Bicycle patrols prove worth, roll into other police districts Citywide use scheduled by fall

July 05, 1993|By Roger Twigg | Roger Twigg,Staff Writer

Citing the success of bicycle patrols in the Northern District, the Baltimore Police Department today expanded the program to the Central and Northeastern Districts.

Tomorrow, the department will expand bicycle patrols to the Northwestern District.

By fall, each of Baltimore's nine police districts will have a contingent of Bicycle Patrol officers, according to a spokesman.

Since October 1992, when bicycle patrols were established in the Northern District, officers assigned to the unit have handled 1,013 citizen complaints and 172 calls for service, and have made 29 arrests, Police Commissioner Edward V. Woods said.

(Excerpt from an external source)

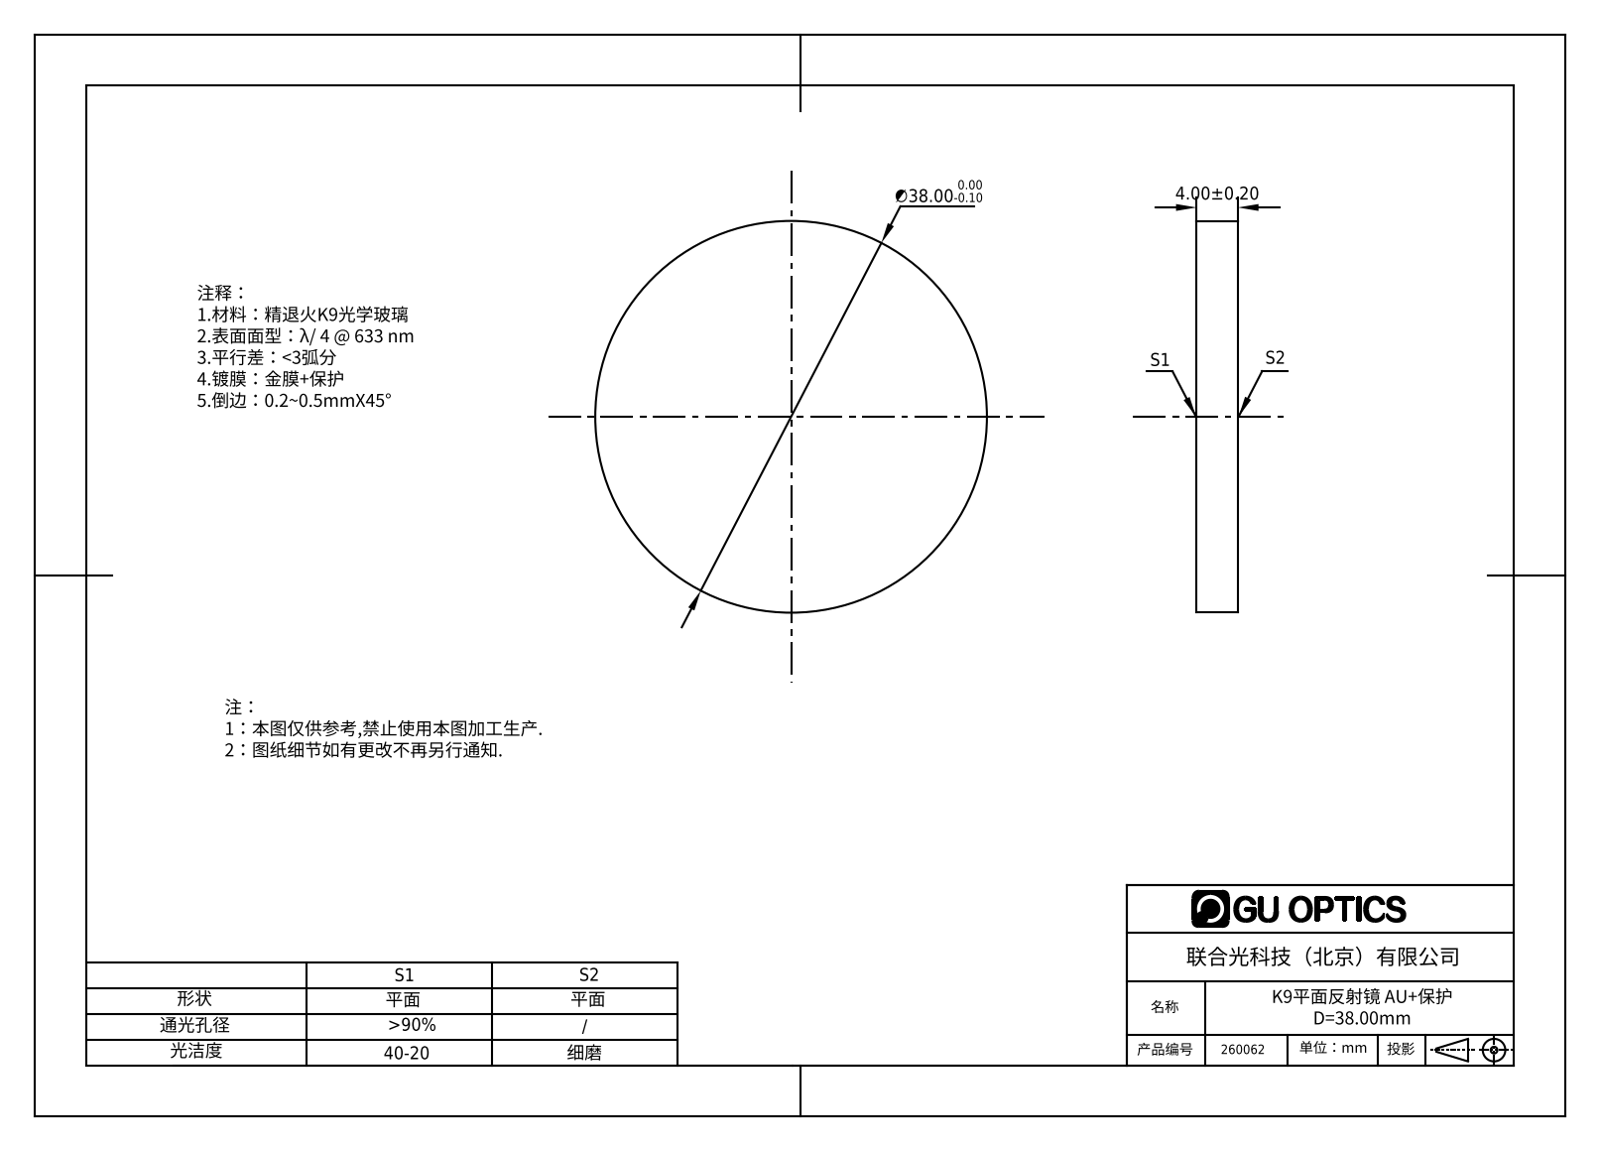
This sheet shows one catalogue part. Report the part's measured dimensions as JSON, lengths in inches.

"The success of bicycle patrols in the Northern District made the decision to expand bicycle patrols a simple one," the commissioner said.

Mr. Woods said each of the officers assigned to the bicycle patrols logs more than 1,000 miles a month.

In the Northern District, patrol teams of two officers ride rugged mountain bicycles that enable them to pursue suspects in tight spots and in tough terrain where patrol cars can't go.

In the expanded program, there will be three bicycle patrols in each district.

For the Northern District officers, the city bought 21-speed mountain bicycles that cost $878 each. Twenty-six mountain bicycles are on order.

Agent Doug Price, a police spokesman, said the bicycles make the officers as agile as officers on horseback. "The only difference is you don't have to feed them [the bicycles]," he added.